His itinerary includes stops in the provinces of Alberta and Quebec and the northern territory of Nunavut.

Absent from the Pope’s visit, however, is a stop in British Columbia, where the discovery last summer of evidence of some 200 unmarked graves on the grounds of a former residential school led to nationwide calls for reconciliation.

The Pope will be in Canada until Friday.

Canada has grappled with the path to reconciliation – repairing the relationship between indigenous people, non-indigenous people and the government – in recent years.

In 2015, abuses suffered by residential school survivors were highlighted in a landmark report by Canada’s Truth and Reconciliation Commission (TRC).

The government-funded schools were part of a policy meant to assimilate indigenous children and destroy indigenous cultures and languages.

Some 150,000 First Nations, Métis and Inuit children were taken from their families during this period and placed in these schools.

The Roman Catholic Church operated up to 70% of residential schools. There were more than 130 such schools scattered across the country, the last closing in 1996.

The TRC report highlighted the stories of school survivors. Many were subjected to abuse, illness and malnutrition and the TRC called the residential schools system a central element of a policy of “cultural genocide”.

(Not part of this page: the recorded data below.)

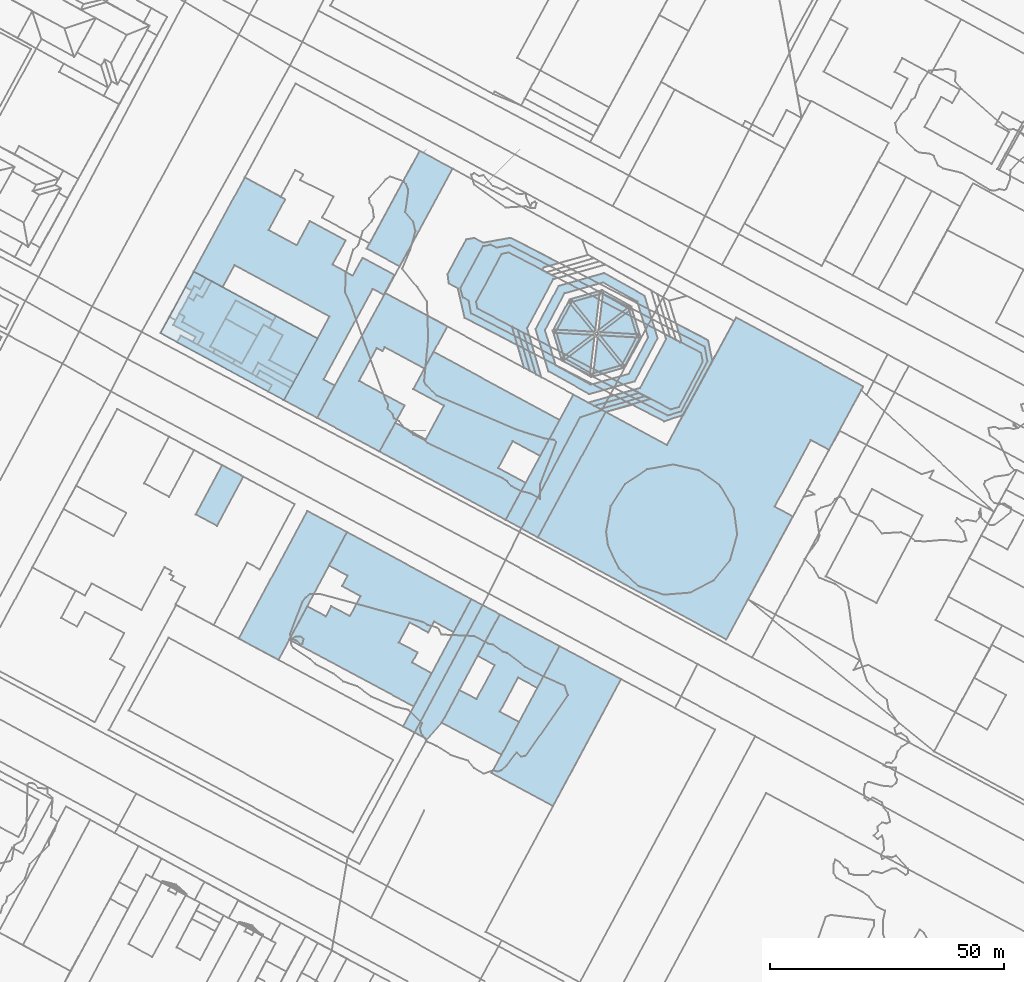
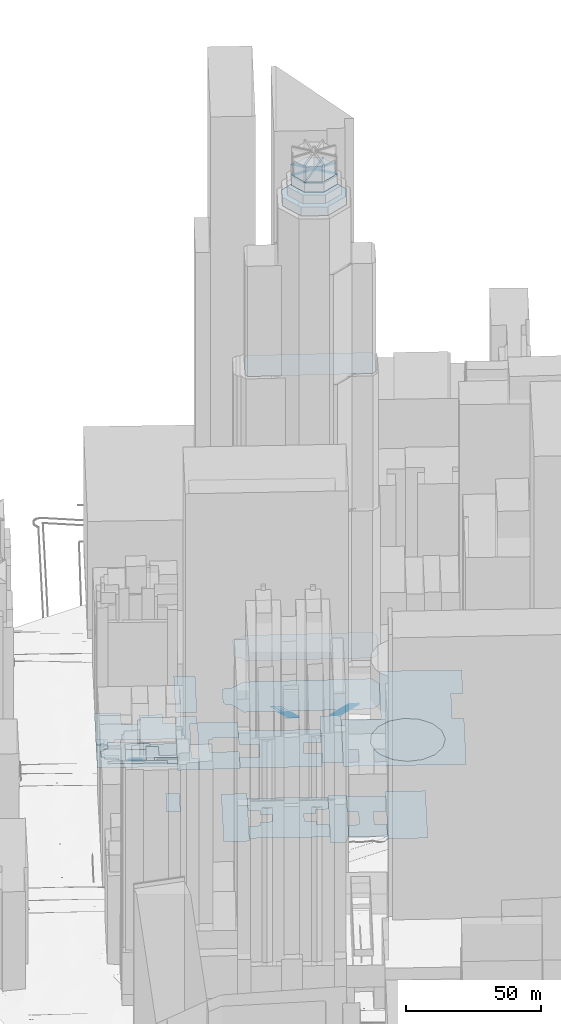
# Not in any storey, part 7 of 80: 41 footings.
"""IFC4 building model written with IfcOpenShell, lengths in metres."""

from ifc_helpers import new_model, si_unit, frame, origin_with_axes, place, context, subcontext, project, spatial, polygons, element, save


model = new_model("IFC4")

# Units and contexts
model_context = context("Model", 3, precision=1e-05, world=origin_with_axes())
body_context = subcontext(model_context, "Body", "Model", "MODEL_VIEW")
ifc_project = project(units=[si_unit("AREAUNIT", "SQUARE_METRE"), si_unit("LENGTHUNIT", "METRE")], contexts=[model_context])

# Sites, building
site_1_placement = place(None, origin_with_axes())
site_1 = spatial("IfcSite", under=ifc_project, at=site_1_placement, Name="Topoexport Site")
site_2_placement = place(site_1_placement, origin_with_axes())
site_2 = spatial("IfcSite", under=site_1, at=site_2_placement, Name="TPX_BATIMENTS")
building_1_placement = place(site_2_placement, frame((183.8820757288, 196.3915098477, 20.8609767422), z_axis=(0.0, 0.0, 1.0), x_axis=(1.0, 0.0, 0.0)))
building_1 = spatial("IfcBuilding", under=site_2, at=building_1_placement, Name="Batiment 41", CompositionType="ELEMENT")

# Footing
footing_1_placement = place(None, frame((183.8820757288, 196.3915098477, 20.8609767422), z_axis=(0.0, 0.0, 1.0), x_axis=(1.0, 0.0, 0.0)))
element("IfcFooting", 1, at=footing_1_placement, inside=building_1, Name="Sol 0", context=body_context, shape_type="Tessellation", body=[
    polygons([(0.0, 0.0, 0.0), (13.0985430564, -7.030868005, 0.0), (27.6239079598, 20.0388061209, 0.0), (14.5169569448, 27.0695500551, 0.0)], [[[2, 1, 4]], [[4, 3, 2]]]),
])

# Building
building_2_placement = place(site_2_placement, frame((164.9927892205, 206.3193932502, 19.6062191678), z_axis=(0.0, 0.0, 1.0), x_axis=(1.0, 0.0, 0.0)))
building_2 = spatial("IfcBuilding", under=site_2, at=building_2_placement, Name="Batiment 71", CompositionType="ELEMENT")

# Footing
footing_2_placement = place(None, frame((164.9927892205, 206.3193932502, 19.6062191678), z_axis=(0.0, 0.0, 1.0), x_axis=(1.0, 0.0, 0.0)))
element("IfcFooting", 2, at=footing_2_placement, inside=building_2, Name="Sol 0", context=body_context, shape_type="Tessellation", body=[
    polygons([(0.0, 0.0, 0.0), (5.0878970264, -2.7053220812, 0.0), (8.2630231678, 0.8287960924, 0.0), (20.6479519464, 23.9544415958, 0.0), (14.5577861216, 27.1921115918, 0.0)], [[[2, 1, 5]], [[4, 3, 2]], [[2, 5, 4]]]),
])

# Building
building_3_placement = place(site_2_placement, frame((173.2558123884, 207.1481893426, 18.8067512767), z_axis=(0.0, 0.0, 1.0), x_axis=(1.0, 0.0, 0.0)))
building_3 = spatial("IfcBuilding", under=site_2, at=building_3_placement, Name="Batiment 72", CompositionType="ELEMENT")

# Footing
footing_3_placement = place(None, frame((173.2558123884, 207.1481893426, 18.8067512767), z_axis=(0.0, 0.0, 1.0), x_axis=(1.0, 0.0, 0.0)))
element("IfcFooting", 3, at=footing_3_placement, inside=building_3, Name="Sol 0", context=body_context, shape_type="Tessellation", body=[
    polygons([(0.0, 0.0, 0.0), (12.733126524, -6.8241916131, 0.0), (16.475942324, 0.1582329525, 0.0), (12.3816260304, 2.3532869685, 0.0), (16.2731366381, 9.6149967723, 0.0), (20.3758905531, 7.4200430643, 0.0), (25.1432202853, 16.3128705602, 0.0), (12.3849287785, 23.1256455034, 0.0), (7.6512209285, 14.2443195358, 0.0), (11.2869121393, 12.2881807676, 0.0), (7.3952691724, 5.0375743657, 0.0), (3.742823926, 6.9824180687, 0.0)], [[[2, 1, 12]], [[4, 3, 2]], [[7, 6, 5]], [[9, 8, 7]], [[2, 12, 11]], [[9, 7, 5]], [[2, 11, 10]], [[10, 9, 5]], [[4, 2, 10]], [[10, 5, 4]]]),
])

# Building
building_4_placement = place(site_2_placement, frame((159.9721915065, 264.969762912, 19.7613864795), z_axis=(0.0, 0.0, 1.0), x_axis=(1.0, 0.0, 0.0)))
building_4 = spatial("IfcBuilding", under=site_2, at=building_4_placement, Name="Batiment 73", CompositionType="ELEMENT")

# Footing
footing_4_placement = place(None, frame((159.9721915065, 264.969762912, 19.7613864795), z_axis=(0.0, 0.0, 1.0), x_axis=(1.0, 0.0, 0.0)))
element("IfcFooting", 4, at=footing_4_placement, inside=building_4, Name="Sol 0", context=body_context, shape_type="Tessellation", body=[
    polygons([(0.0, 0.0, 0.0), (26.8862979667, -14.5533802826, 0.0), (31.1586807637, -6.6544117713, 0.0), (25.3312162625, -3.502510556, 0.0), (28.4385534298, 2.2290739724, 0.0), (34.2660149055, -0.9228247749, 0.0), (38.4143590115, 6.7526611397, 0.0), (11.5365531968, 21.3060973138, 0.0), (7.2227399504, 13.3400447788, 0.0), (13.7552421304, 9.807746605, 0.0), (9.8628457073, 2.6237495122, 0.0), (3.3387795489, 6.1561492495, 0.0)], [[[2, 1, 12]], [[4, 3, 2]], [[7, 6, 5]], [[9, 8, 7]], [[2, 12, 11]], [[9, 7, 5]], [[2, 11, 10]], [[10, 9, 5]], [[4, 2, 10]], [[10, 5, 4]]]),
])

# Building
building_5_placement = place(site_2_placement, frame((140.736043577, 224.855812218, 18.8878227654), z_axis=(0.0, 0.0, 1.0), x_axis=(1.0, 0.0, 0.0)))
building_5 = spatial("IfcBuilding", under=site_2, at=building_5_placement, Name="Batiment 74", CompositionType="ELEMENT")

# Footing
footing_5_placement = place(None, frame((140.736043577, 224.855812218, 18.8878227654), z_axis=(0.0, 0.0, 1.0), x_axis=(1.0, 0.0, 0.0)))
element("IfcFooting", 5, at=footing_5_placement, inside=building_5, Name="Sol 0", context=body_context, shape_type="Tessellation", body=[
    polygons([(0.0, 0.0, 0.0), (26.5536145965, -14.2464559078, 0.0), (30.3624164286, -7.1300469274, 0.0), (26.1831921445, -4.8915607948, 0.0), (27.3481177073, -2.7130804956, 0.0), (23.3727549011, -0.5832457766, 0.0), (25.6615651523, 3.6733168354, 0.0), (29.6369264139, 1.5434833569, 0.0), (30.8679530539, 3.8448574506, 0.0), (35.0471740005, 1.6063739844, 0.0), (38.8145317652, 8.6556926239, 0.0), (12.3027872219, 22.9358968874, 0.0), (8.4690509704, 15.7859003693, 0.0), (12.4614103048, 13.6451532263, 0.0), (11.254926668, 11.4106810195, 0.0), (15.2048295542, 9.2916463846, 0.0), (12.9161442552, 5.023986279, 0.0), (8.9662398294, 7.1430221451, 0.0), (7.801181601, 4.9756455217, 0.0), (3.8172594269, 7.11649328, 0.0)], [[[2, 1, 20]], [[4, 3, 2]], [[6, 5, 4]], [[9, 8, 7]], [[11, 10, 9]], [[13, 12, 11]], [[16, 15, 14]], [[19, 18, 17]], [[2, 20, 19]], [[6, 4, 2]], [[11, 9, 7]], [[14, 13, 11]], [[2, 19, 17]], [[14, 11, 7]], [[2, 17, 16]], [[14, 7, 6]], [[6, 2, 16]], [[16, 14, 6]]]),
])

# Building
building_6_placement = place(site_2_placement, frame((129.9536213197, 225.0858006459, 21.0283081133), z_axis=(0.0, 0.0, 1.0), x_axis=(1.0, 0.0, 0.0)))
building_6 = spatial("IfcBuilding", under=site_2, at=building_6_placement, Name="Batiment 75", CompositionType="ELEMENT")

# Footing
footing_6_placement = place(None, frame((129.9536213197, 225.0858006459, 21.0283081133), z_axis=(0.0, 0.0, 1.0), x_axis=(1.0, 0.0, 0.0)))
element("IfcFooting", 6, at=footing_6_placement, inside=building_6, Name="Sol 0", context=body_context, shape_type="Tessellation", body=[
    polygons([(0.0, 0.0, 0.0), (8.4687912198, -4.5312400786, 0.0), (23.0852094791, 22.7059084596, 0.0), (14.6163103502, 27.2482324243, 0.0)], [[[2, 1, 4]], [[4, 3, 2]]]),
])

# Building
building_7_placement = place(site_2_placement, frame((120.7569680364, 251.5799535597, 21.6785385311), z_axis=(0.0, 0.0, 1.0), x_axis=(1.0, 0.0, 0.0)))
building_7 = spatial("IfcBuilding", under=site_2, at=building_7_placement, Name="Batiment 79", CompositionType="ELEMENT")

# Footing
footing_7_placement = place(None, frame((120.7569680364, 251.5799535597, 21.6785385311), z_axis=(0.0, 0.0, 1.0), x_axis=(1.0, 0.0, 0.0)))
element("IfcFooting", 7, at=footing_7_placement, inside=building_7, Name="Sol 0", context=body_context, shape_type="Tessellation", body=[
    polygons([(0.0, 0.0, 0.0), (4.5360060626, -2.4342069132, 0.0), (10.1793614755, 8.0785806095, 0.0), (5.6434887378, 10.5016832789, 0.0)], [[[2, 1, 4]], [[4, 3, 2]]]),
])

# Building
building_8_placement = place(site_2_placement, frame((133.701994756, 280.9958944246, 22.2284312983), z_axis=(0.0, 0.0, 1.0), x_axis=(1.0, 0.0, 0.0)))
building_8 = spatial("IfcBuilding", under=site_2, at=building_8_placement, Name="Batiment 80", CompositionType="ELEMENT")

# Footing
footing_8_placement = place(None, frame((133.701994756, 280.9958944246, 22.2284312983), z_axis=(0.0, 0.0, 1.0), x_axis=(1.0, 0.0, 0.0)))
element("IfcFooting", 8, at=footing_8_placement, inside=building_8, Name="Sol 0", context=body_context, shape_type="Tessellation", body=[
    polygons([(0.0, 0.0, 0.0), (3.3046733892, -1.8045757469, 0.0), (2.5274119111, -3.2013890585, 0.0), (5.8745466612, -5.0276748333, 0.0), (7.3210219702, -2.3796322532, 0.0), (0.686095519, 1.2514244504, 0.0)], [[[2, 1, 6]], [[4, 3, 2]], [[2, 6, 5]], [[5, 4, 2]]]),
])

# Building
building_9_placement = place(site_2_placement, frame((132.7675039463, 281.5068423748, 22.0591971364), z_axis=(0.0, 0.0, 1.0), x_axis=(1.0, 0.0, 0.0)))
building_9 = spatial("IfcBuilding", under=site_2, at=building_9_placement, Name="Batiment 81", CompositionType="ELEMENT")

# Footing
footing_9_placement = place(None, frame((132.7675039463, 281.5068423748, 22.0591971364), z_axis=(0.0, 0.0, 1.0), x_axis=(1.0, 0.0, 0.0)))
element("IfcFooting", 9, at=footing_9_placement, inside=building_9, Name="Sol 0", context=body_context, shape_type="Tessellation", body=[
    polygons([(0.0, 0.0, 0.0), (0.9344908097, -0.5109479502, 0.0), (1.6205863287, 0.7404765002, 0.0), (8.2555127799, -2.8905802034, 0.0), (8.9001799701, -1.7062499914, 0.0), (1.3392038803, 2.43585198, 0.0)], [[[2, 1, 6]], [[5, 4, 3]], [[3, 2, 6]], [[6, 5, 3]]]),
])

# Building
building_10_placement = place(site_2_placement, frame((136.4219742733, 284.4691979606, 20.8510870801), z_axis=(0.0, 0.0, 1.0), x_axis=(1.0, 0.0, 0.0)))
building_10 = spatial("IfcBuilding", under=site_2, at=building_10_placement, Name="Batiment 82", CompositionType="ELEMENT")

# Footing
footing_10_placement = place(None, frame((136.4219742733, 284.4691979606, 20.8510870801), z_axis=(0.0, 0.0, 1.0), x_axis=(1.0, 0.0, 0.0)))
element("IfcFooting", 10, at=footing_10_placement, inside=building_10, Name="Sol 0", context=body_context, shape_type="Tessellation", body=[
    polygons([(0.0, 0.0, 0.0), (6.088815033, -3.1266972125, 0.0), (10.3290123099, 4.6386442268, 0.0), (1.4688163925, 9.4428815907, 0.0), (0.063512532, 6.8841359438, 0.0), (2.9178819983, 5.3296808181, 0.0)], [[[2, 1, 6]], [[4, 3, 2]], [[6, 5, 4]], [[4, 2, 6]]]),
])

# Building
building_11_placement = place(site_2_placement, frame((128.6389686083, 283.7459380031, 21.7688219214), z_axis=(0.0, 0.0, 1.0), x_axis=(1.0, 0.0, 0.0)))
building_11 = spatial("IfcBuilding", under=site_2, at=building_11_placement, Name="Batiment 83", CompositionType="ELEMENT")

# Footing
footing_11_placement = place(None, frame((128.6389686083, 283.7459380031, 21.7688219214), z_axis=(0.0, 0.0, 1.0), x_axis=(1.0, 0.0, 0.0)))
element("IfcFooting", 11, at=footing_11_placement, inside=building_11, Name="Sol 0", context=body_context, shape_type="Tessellation", body=[
    polygons([(0.0, 0.0, 0.0), (4.128535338, -2.2390956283, 0.0), (5.4677392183, 0.1967563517, 0.0), (13.0287153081, -3.9453456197, 0.0), (13.8718206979, -2.403437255, 0.0), (7.7830056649, 0.7232599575, 0.0), (10.7008876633, 6.0529407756, 0.0), (6.5976755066, 8.2923269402, 0.0), (1.9668380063, 0.0006475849, 0.0), (0.4547989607, 0.8157486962, 0.0)], [[[2, 1, 10]], [[5, 4, 3]], [[8, 7, 6]], [[2, 10, 9]], [[6, 5, 3]], [[9, 8, 6]], [[3, 2, 9]], [[9, 6, 3]]]),
])

# Building
building_12_placement = place(site_2_placement, frame((127.1263243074, 293.3318134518, 21.914507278), z_axis=(0.0, 0.0, 1.0), x_axis=(1.0, 0.0, 0.0)))
building_12 = spatial("IfcBuilding", under=site_2, at=building_12_placement, Name="Batiment 84", CompositionType="ELEMENT")

# Footing
footing_12_placement = place(None, frame((127.1263243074, 293.3318134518, 21.914507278), z_axis=(0.0, 0.0, 1.0), x_axis=(1.0, 0.0, 0.0)))
element("IfcFooting", 12, at=footing_12_placement, inside=building_12, Name="Sol 0", context=body_context, shape_type="Tessellation", body=[
    polygons([(0.0, 0.0, 0.0), (6.7281427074, -3.6632865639, 0.0), (8.1103198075, -1.2935485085, 0.0), (9.3591624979, -1.9784795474, 0.0), (10.1940852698, -0.4588713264, 0.0), (2.1408822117, 3.9106630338, 0.0)], [[[2, 1, 6]], [[5, 4, 3]], [[3, 2, 6]], [[6, 5, 3]]]),
])

# Building
building_13_placement = place(site_2_placement, frame((113.2505831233, 290.2618220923, 20.8510870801), z_axis=(0.0, 0.0, 1.0), x_axis=(1.0, 0.0, 0.0)))
building_13 = spatial("IfcBuilding", under=site_2, at=building_13_placement, Name="Batiment 85", CompositionType="ELEMENT")

# Footing
footing_13_placement = place(None, frame((113.2505831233, 290.2618220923, 20.8510870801), z_axis=(0.0, 0.0, 1.0), x_axis=(1.0, 0.0, 0.0)))
element("IfcFooting", 13, at=footing_13_placement, inside=building_13, Name="Sol 0", context=body_context, shape_type="Tessellation", body=[
    polygons([(0.0, 0.0, 0.0), (26.3259582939, -14.293602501, 0.0), (33.5004034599, -1.1539799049, 0.0), (7.1070834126, 13.1277116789, 0.0)], [[[2, 1, 4]], [[4, 3, 2]]]),
])

# Building
building_14_placement = place(site_2_placement, frame((123.8777892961, 287.3987743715, 22.3844927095), z_axis=(0.0, 0.0, 1.0), x_axis=(1.0, 0.0, 0.0)))
building_14 = spatial("IfcBuilding", under=site_2, at=building_14_placement, Name="Batiment 86", CompositionType="ELEMENT")

# Footing
footing_14_placement = place(None, frame((123.8777892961, 287.3987743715, 22.3844927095), z_axis=(0.0, 0.0, 1.0), x_axis=(1.0, 0.0, 0.0)))
element("IfcFooting", 14, at=footing_14_placement, inside=building_14, Name="Sol 0", context=body_context, shape_type="Tessellation", body=[
    polygons([(0.0, 0.0, 0.0), (6.7280173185, -3.6521887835, 0.0), (9.9766777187, 2.2697525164, 0.0), (3.2485350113, 5.9330390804, 0.0)], [[[2, 1, 4]], [[4, 3, 2]]]),
])

# Building
building_15_placement = place(site_2_placement, frame((124.4423978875, 286.0286544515, 23.0098590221), z_axis=(0.0, 0.0, 1.0), x_axis=(1.0, 0.0, 0.0)))
building_15 = spatial("IfcBuilding", under=site_2, at=building_15_placement, Name="Batiment 87", CompositionType="ELEMENT")

# Footing
footing_15_placement = place(None, frame((124.4423978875, 286.0286544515, 23.0098590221), z_axis=(0.0, 0.0, 1.0), x_axis=(1.0, 0.0, 0.0)))
element("IfcFooting", 15, at=footing_15_placement, inside=building_15, Name="Sol 0", context=body_context, shape_type="Tessellation", body=[
    polygons([(0.0, 0.0, 0.0), (4.1965707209, -2.2827164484, 0.0), (4.6513696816, -1.4669677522, 0.0), (0.4463590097, 0.8156503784, 0.0)], [[[2, 1, 4]], [[4, 3, 2]]]),
])

# Building
building_16_placement = place(site_2_placement, frame((116.8013041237, 288.3490732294, 22.6187660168), z_axis=(0.0, 0.0, 1.0), x_axis=(1.0, 0.0, 0.0)))
building_16 = spatial("IfcBuilding", under=site_2, at=building_16_placement, Name="Batiment 88", CompositionType="ELEMENT")

# Footing
footing_16_placement = place(None, frame((116.8013041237, 288.3490732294, 22.6187660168), z_axis=(0.0, 0.0, 1.0), x_axis=(1.0, 0.0, 0.0)))
element("IfcFooting", 16, at=footing_16_placement, inside=building_16, Name="Sol 0", context=body_context, shape_type="Tessellation", body=[
    polygons([(0.0, 0.0, 0.0), (19.4281025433, -10.5545678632, 0.0), (20.2053640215, -9.1577545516, 0.0), (0.7771349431, 1.4079120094, 0.0)], [[[2, 1, 4]], [[4, 3, 2]]]),
])

# Building
building_17_placement = place(site_2_placement, frame((115.9822453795, 292.0033020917, 23.3452877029), z_axis=(0.0, 0.0, 1.0), x_axis=(1.0, 0.0, 0.0)))
building_17 = spatial("IfcBuilding", under=site_2, at=building_17_placement, Name="Batiment 90", CompositionType="ELEMENT")

# Footing
footing_17_placement = place(None, frame((115.9822453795, 292.0033020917, 23.3452877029), z_axis=(0.0, 0.0, 1.0), x_axis=(1.0, 0.0, 0.0)))
element("IfcFooting", 17, at=footing_17_placement, inside=building_17, Name="Sol 0", context=body_context, shape_type="Tessellation", body=[
    polygons([(0.0, 0.0, 0.0), (4.7571032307, -2.5759699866, 0.0), (4.1786660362, -3.648506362, 0.0), (5.1896332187, -4.2029764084, 0.0), (6.4789719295, -1.8343194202, 0.0), (1.8832649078, 0.6547063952, 0.0), (2.4784536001, 1.7385394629, 0.0), (1.2720721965, 2.4017622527, 0.0)], [[[4, 3, 2]], [[8, 7, 6]], [[5, 4, 2]], [[1, 8, 6]], [[5, 2, 1]], [[1, 6, 5]]]),
])

# Building
building_18_placement = place(site_2_placement, frame((117.2543175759, 294.4050643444, 21.8182038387), z_axis=(0.0, 0.0, 1.0), x_axis=(1.0, 0.0, 0.0)))
building_18 = spatial("IfcBuilding", under=site_2, at=building_18_placement, Name="Batiment 92", CompositionType="ELEMENT")

# Footing
footing_18_placement = place(None, frame((117.2543175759, 294.4050643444, 21.8182038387), z_axis=(0.0, 0.0, 1.0), x_axis=(1.0, 0.0, 0.0)))
element("IfcFooting", 18, at=footing_18_placement, inside=building_18, Name="Sol 0", context=body_context, shape_type="Tessellation", body=[
    polygons([(0.0, 0.0, 0.0), (1.2063814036, -0.6632227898, 0.0), (0.6111927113, -1.7470558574, 0.0), (5.206899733, -4.2360816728, 0.0), (3.9175610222, -6.6047386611, 0.0), (7.1880803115, -8.3764098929, 0.0), (7.6344393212, -7.5607595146, 0.0), (6.6234717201, -7.0062899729, 0.0), (12.0128889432, 2.8374121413, 0.0), (20.0660920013, -1.532122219, 0.0), (20.6364730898, -0.4929847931, 0.0), (6.8834997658, 6.9411625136, 0.0), (4.9492373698, 3.4103780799, 0.0), (3.7259757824, 4.073404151, 0.0), (3.0481909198, 2.8331797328, 0.0), (1.8928382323, 3.4636882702, 0.0)], [[[2, 1, 16]], [[4, 3, 2]], [[6, 5, 4]], [[8, 7, 6]], [[11, 10, 9]], [[15, 14, 13]], [[2, 16, 15]], [[8, 6, 4]], [[12, 11, 9]], [[2, 15, 13]], [[9, 8, 4]], [[13, 12, 9]], [[4, 2, 13]], [[13, 9, 4]]]),
])

# Building
building_19_placement = place(site_2_placement, frame((120.3576665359, 303.3895337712, 19.1918452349), z_axis=(0.0, 0.0, 1.0), x_axis=(1.0, 0.0, 0.0)))
building_19 = spatial("IfcBuilding", under=site_2, at=building_19_placement, Name="Batiment 93", CompositionType="ELEMENT")

# Footing
footing_19_placement = place(None, frame((120.3576665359, 303.3895337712, 19.1918452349), z_axis=(0.0, 0.0, 1.0), x_axis=(1.0, 0.0, 0.0)))
element("IfcFooting", 19, at=footing_19_placement, inside=building_19, Name="Sol 0", context=body_context, shape_type="Tessellation", body=[
    polygons([(0.0, 0.0, 0.0), (6.1586360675, -3.3257392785, 0.0), (8.6958773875, 1.3444821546, 0.0), (28.9305528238, -9.6114631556, 0.0), (19.2188748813, -27.4213141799, 0.0), (26.294638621, -31.2137773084, 0.0), (30.029914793, -24.3091752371, 0.0), (27.6853086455, -23.0374588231, 0.0), (38.1557868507, -3.6977675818, 0.0), (40.5002598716, -4.9583798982, 0.0), (42.7894344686, -0.7351197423, 0.0), (36.0020774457, 2.9385544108, 0.0), (33.927701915, -0.8825259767, 0.0), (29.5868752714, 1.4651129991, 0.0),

One of the report’s “Calls to action” was a request for the Pope to apologise for the Catholic church’s role in running the schools.

In May 2021, evidence, using ground-penetrating radar technology, of the unmarked graves of children at a former school site were found in Tk’emlúps te Secwépemc, a First Nations community in British Columbia.

The discovery received international attention and sent shockwaves across Canada.

Other First Nations began conducting similar searches near the sites of residential schools and, to date, evidence of over 1,000 graves has been found.

The child graves behind Canada’s national reckoning
These findings intensified calls from indigenous leaders for a formal apology from the Pope.

In April, he apologised to an indigenous delegation who had travelled to the Vatican, saying the residential schools caused him “pain and shame”.

He promised to meet indigenous communities in Canada and to assist with reconciliation efforts.